:: The input ::

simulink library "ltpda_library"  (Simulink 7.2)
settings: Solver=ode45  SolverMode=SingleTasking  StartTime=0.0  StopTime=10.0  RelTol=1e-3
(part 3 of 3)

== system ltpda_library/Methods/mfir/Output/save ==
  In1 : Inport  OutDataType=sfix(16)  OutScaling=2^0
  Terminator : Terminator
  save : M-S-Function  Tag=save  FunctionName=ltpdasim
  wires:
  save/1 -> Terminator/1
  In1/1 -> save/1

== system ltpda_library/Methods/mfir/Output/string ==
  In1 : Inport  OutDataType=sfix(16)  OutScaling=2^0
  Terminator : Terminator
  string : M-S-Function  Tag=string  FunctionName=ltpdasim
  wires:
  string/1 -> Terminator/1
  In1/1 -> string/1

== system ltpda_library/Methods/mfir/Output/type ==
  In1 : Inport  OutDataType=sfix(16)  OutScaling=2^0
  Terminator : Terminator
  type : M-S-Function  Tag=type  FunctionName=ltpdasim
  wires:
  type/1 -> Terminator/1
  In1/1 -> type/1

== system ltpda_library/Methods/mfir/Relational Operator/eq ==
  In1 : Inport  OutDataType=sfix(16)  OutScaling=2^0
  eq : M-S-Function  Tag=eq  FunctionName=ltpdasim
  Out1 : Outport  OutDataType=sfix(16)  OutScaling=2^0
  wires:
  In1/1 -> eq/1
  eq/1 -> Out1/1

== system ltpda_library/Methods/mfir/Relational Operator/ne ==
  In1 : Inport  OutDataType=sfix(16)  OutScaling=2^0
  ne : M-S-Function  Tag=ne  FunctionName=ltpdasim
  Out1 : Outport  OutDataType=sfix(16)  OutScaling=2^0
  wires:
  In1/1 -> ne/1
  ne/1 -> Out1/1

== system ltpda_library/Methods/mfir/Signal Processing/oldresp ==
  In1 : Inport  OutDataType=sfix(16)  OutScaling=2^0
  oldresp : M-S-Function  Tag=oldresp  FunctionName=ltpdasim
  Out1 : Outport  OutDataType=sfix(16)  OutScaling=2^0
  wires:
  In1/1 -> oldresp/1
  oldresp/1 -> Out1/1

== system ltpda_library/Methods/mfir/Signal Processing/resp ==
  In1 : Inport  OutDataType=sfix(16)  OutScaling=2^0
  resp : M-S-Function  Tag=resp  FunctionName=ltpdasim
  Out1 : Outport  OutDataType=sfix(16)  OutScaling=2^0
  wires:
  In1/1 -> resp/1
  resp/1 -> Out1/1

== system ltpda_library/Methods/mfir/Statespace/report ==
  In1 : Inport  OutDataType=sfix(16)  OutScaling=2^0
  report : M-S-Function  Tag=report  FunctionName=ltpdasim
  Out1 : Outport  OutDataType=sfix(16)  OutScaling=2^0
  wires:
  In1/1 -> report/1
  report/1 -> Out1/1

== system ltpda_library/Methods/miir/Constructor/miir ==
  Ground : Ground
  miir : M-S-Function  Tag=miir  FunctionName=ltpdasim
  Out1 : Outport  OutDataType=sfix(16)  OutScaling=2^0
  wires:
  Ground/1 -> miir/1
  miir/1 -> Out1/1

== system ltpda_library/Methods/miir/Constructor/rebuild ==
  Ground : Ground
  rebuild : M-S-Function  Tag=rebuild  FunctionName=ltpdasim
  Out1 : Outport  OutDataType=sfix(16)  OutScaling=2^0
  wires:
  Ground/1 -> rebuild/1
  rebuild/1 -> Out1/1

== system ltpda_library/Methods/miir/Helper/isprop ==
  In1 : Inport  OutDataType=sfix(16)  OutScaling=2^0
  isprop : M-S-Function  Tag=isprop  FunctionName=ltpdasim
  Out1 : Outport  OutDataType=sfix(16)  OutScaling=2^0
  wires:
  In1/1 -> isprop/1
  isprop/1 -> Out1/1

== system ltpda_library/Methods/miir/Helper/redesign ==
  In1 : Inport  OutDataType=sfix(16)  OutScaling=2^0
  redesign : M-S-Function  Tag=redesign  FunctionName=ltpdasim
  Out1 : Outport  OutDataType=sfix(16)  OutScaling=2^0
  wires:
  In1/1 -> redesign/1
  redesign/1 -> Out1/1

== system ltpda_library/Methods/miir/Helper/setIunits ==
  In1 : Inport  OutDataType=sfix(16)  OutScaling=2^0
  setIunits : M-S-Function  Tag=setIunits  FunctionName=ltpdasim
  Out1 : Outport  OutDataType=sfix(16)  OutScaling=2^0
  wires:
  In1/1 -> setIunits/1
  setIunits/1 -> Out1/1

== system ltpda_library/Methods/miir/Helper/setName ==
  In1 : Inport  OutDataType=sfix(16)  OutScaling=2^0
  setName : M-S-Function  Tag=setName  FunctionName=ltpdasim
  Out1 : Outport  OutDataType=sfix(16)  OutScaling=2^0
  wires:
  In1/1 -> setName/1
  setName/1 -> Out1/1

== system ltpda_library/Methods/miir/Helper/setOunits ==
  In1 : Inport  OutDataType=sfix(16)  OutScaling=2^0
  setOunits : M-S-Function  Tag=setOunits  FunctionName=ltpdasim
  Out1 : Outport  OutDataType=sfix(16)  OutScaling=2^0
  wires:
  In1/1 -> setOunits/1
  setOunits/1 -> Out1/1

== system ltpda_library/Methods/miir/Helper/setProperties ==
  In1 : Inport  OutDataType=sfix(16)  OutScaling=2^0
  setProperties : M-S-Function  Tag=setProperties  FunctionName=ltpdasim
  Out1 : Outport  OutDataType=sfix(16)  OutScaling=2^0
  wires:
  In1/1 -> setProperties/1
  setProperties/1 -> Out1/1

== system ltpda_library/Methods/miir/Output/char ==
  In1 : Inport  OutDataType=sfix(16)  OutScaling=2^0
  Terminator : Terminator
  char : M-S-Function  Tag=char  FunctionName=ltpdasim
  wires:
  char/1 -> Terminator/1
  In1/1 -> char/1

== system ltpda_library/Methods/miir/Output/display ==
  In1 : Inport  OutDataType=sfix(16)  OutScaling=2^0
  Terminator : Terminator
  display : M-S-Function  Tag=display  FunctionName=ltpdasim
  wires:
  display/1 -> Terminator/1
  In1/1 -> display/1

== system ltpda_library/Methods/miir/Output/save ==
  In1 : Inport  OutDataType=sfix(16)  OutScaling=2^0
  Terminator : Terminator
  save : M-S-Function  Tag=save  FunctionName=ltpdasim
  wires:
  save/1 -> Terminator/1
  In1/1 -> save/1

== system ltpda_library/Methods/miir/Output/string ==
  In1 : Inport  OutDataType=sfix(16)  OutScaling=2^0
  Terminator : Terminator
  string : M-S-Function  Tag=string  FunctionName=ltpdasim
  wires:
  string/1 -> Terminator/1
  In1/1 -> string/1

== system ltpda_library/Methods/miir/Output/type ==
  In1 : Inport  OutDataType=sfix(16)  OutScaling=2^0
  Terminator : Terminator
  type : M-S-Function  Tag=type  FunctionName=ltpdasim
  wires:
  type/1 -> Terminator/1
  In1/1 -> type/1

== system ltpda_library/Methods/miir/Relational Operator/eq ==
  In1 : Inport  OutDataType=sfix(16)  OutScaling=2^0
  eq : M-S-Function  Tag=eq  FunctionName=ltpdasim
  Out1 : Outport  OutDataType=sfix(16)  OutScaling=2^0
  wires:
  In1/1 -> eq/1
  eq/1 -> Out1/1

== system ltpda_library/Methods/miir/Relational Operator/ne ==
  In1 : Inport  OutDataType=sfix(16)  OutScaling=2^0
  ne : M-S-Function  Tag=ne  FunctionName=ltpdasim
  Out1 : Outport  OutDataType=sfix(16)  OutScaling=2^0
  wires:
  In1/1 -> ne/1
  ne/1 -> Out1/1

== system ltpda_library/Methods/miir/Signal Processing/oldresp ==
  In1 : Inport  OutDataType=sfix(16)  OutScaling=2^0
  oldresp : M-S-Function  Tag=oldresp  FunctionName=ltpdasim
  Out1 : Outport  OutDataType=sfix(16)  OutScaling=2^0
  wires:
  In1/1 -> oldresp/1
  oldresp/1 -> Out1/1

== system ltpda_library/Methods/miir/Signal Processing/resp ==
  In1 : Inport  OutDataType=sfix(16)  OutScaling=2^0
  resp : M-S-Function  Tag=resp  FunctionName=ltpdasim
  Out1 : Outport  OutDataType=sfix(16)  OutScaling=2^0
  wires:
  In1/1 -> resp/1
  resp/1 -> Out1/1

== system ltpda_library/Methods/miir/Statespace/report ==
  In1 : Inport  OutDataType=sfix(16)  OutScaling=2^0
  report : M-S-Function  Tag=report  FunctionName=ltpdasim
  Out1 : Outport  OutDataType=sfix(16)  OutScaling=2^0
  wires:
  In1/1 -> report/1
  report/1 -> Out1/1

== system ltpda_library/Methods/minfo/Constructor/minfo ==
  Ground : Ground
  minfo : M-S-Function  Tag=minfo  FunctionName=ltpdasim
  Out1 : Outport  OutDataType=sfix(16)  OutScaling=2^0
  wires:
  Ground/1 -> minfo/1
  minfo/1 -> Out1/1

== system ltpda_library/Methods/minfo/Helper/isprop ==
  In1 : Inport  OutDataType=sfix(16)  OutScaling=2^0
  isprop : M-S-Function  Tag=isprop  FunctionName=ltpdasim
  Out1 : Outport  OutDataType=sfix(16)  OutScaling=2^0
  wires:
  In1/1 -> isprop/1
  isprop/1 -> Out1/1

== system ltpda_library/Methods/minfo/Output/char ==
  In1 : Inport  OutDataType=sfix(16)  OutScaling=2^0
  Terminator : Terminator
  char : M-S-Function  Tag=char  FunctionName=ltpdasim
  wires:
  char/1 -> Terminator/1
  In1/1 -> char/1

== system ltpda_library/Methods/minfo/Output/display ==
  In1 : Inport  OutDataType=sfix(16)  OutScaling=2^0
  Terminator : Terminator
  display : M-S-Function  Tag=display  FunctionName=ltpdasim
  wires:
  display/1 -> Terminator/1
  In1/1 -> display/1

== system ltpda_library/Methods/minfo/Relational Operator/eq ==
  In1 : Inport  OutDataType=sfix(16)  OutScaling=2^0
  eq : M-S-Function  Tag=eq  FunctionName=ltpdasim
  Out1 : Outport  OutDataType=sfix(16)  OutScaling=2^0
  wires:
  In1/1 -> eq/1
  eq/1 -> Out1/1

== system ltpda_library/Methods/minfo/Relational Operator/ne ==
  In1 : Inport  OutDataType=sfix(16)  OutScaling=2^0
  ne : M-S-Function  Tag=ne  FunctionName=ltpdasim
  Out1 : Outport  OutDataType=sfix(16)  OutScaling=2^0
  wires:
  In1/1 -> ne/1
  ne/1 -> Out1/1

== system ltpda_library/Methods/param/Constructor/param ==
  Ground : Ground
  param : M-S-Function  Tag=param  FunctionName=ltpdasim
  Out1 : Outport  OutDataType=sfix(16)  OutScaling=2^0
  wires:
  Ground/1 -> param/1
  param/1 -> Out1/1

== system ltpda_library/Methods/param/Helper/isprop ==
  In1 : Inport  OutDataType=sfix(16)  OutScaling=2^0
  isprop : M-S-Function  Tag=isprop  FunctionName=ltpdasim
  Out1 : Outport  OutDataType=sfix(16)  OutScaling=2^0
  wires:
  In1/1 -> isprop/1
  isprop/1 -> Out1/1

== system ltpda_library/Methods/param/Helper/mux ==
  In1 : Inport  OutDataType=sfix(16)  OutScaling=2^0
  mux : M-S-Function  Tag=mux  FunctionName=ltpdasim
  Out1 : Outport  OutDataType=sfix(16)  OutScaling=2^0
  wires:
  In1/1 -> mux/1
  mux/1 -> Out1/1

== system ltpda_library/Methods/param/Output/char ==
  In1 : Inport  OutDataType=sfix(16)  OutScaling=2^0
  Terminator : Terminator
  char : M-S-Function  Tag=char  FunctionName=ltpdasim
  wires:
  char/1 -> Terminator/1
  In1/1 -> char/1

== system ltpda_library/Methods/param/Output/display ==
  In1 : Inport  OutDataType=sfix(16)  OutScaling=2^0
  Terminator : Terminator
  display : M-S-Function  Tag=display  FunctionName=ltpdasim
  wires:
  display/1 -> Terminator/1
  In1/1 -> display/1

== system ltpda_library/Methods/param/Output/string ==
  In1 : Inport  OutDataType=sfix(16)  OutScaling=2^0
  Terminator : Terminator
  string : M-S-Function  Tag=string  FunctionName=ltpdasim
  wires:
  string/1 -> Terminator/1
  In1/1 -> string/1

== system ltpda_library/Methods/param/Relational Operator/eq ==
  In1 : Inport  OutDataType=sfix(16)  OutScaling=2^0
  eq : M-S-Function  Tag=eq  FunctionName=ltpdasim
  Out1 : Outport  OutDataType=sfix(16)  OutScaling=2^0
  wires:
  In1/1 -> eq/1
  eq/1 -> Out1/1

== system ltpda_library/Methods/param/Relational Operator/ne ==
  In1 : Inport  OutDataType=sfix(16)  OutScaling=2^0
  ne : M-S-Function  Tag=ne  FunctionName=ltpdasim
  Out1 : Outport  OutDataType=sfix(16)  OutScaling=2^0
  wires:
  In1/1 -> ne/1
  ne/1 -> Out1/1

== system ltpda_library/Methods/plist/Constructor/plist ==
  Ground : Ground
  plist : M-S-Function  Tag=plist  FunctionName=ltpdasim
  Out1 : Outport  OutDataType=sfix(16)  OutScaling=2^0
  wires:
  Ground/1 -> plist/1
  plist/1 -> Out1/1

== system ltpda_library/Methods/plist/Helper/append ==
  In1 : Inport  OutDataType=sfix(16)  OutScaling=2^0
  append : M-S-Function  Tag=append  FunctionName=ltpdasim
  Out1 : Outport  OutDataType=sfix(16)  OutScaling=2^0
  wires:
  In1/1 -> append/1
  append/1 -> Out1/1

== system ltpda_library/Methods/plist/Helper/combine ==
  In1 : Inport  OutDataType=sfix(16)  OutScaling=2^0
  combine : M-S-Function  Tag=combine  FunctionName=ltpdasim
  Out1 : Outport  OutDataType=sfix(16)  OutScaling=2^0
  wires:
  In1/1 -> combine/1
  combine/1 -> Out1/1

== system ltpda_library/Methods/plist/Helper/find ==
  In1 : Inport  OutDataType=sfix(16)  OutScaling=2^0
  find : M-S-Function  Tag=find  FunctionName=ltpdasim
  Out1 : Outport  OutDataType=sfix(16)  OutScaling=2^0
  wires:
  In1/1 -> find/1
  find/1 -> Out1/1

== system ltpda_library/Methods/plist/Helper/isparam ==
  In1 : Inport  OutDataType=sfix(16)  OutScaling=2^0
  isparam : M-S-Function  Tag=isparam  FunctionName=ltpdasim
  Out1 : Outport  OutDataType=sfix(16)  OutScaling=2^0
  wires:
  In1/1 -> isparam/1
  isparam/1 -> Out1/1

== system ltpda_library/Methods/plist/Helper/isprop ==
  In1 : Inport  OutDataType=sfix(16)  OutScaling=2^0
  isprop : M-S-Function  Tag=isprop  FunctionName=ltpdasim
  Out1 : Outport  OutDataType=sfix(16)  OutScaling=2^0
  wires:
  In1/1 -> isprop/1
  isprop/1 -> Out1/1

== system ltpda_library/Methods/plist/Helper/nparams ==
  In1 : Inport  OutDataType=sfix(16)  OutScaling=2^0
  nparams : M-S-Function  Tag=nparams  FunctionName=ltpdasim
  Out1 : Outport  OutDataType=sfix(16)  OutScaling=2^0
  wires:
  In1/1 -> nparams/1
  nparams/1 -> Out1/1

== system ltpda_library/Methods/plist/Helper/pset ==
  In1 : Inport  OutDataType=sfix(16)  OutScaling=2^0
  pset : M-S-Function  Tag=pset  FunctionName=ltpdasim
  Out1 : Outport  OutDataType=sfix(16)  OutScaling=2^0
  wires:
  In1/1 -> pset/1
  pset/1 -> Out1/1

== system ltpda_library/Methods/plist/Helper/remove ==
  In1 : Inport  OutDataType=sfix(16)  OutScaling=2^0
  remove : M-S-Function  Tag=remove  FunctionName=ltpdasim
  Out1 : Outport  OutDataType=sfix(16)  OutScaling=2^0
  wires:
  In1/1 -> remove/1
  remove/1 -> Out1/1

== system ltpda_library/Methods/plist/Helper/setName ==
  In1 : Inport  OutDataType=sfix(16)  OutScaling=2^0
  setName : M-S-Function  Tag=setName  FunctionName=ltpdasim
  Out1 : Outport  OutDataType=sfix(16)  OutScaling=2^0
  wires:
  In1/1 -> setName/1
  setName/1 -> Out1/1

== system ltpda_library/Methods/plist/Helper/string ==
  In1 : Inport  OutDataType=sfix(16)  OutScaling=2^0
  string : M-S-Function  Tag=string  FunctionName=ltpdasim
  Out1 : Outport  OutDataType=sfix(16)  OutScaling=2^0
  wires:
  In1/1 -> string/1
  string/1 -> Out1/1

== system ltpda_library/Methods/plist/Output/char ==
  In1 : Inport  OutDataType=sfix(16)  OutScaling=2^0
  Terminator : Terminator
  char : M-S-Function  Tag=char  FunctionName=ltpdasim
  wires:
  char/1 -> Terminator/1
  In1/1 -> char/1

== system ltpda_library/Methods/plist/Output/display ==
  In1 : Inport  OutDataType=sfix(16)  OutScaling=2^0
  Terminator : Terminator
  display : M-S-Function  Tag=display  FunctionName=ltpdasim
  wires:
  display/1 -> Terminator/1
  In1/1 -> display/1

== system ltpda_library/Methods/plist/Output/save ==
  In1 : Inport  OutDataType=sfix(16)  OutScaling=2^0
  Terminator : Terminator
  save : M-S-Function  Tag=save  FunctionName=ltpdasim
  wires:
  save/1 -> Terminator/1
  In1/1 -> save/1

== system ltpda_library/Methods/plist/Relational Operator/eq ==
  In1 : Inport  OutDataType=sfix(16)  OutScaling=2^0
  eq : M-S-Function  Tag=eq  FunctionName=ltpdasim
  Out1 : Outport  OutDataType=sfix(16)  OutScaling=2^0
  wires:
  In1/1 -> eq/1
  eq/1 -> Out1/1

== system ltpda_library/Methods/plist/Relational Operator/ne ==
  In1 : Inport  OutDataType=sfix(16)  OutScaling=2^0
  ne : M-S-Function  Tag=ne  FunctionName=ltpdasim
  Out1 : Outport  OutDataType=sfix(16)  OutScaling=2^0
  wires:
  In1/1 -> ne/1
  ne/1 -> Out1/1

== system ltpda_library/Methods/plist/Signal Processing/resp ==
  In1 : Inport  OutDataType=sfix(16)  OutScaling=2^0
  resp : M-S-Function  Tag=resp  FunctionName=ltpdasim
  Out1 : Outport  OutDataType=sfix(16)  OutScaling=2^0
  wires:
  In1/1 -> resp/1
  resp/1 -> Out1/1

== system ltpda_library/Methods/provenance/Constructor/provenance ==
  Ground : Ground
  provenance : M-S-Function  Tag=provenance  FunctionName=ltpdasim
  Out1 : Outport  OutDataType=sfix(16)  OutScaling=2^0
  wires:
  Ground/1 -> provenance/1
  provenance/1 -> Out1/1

:::

Task prompt –
Copy, without any change, the lines above from the one containing "system ltpda_library/Methods/plist/Relational Operator/ne" to the end, both ends included. Add nothing else.

Task response –
== system ltpda_library/Methods/plist/Relational Operator/ne ==
  In1 : Inport  OutDataType=sfix(16)  OutScaling=2^0
  ne : M-S-Function  Tag=ne  FunctionName=ltpdasim
  Out1 : Outport  OutDataType=sfix(16)  OutScaling=2^0
  wires:
  In1/1 -> ne/1
  ne/1 -> Out1/1

== system ltpda_library/Methods/plist/Signal Processing/resp ==
  In1 : Inport  OutDataType=sfix(16)  OutScaling=2^0
  resp : M-S-Function  Tag=resp  FunctionName=ltpdasim
  Out1 : Outport  OutDataType=sfix(16)  OutScaling=2^0
  wires:
  In1/1 -> resp/1
  resp/1 -> Out1/1

== system ltpda_library/Methods/provenance/Constructor/provenance ==
  Ground : Ground
  provenance : M-S-Function  Tag=provenance  FunctionName=ltpdasim
  Out1 : Outport  OutDataType=sfix(16)  OutScaling=2^0
  wires:
  Ground/1 -> provenance/1
  provenance/1 -> Out1/1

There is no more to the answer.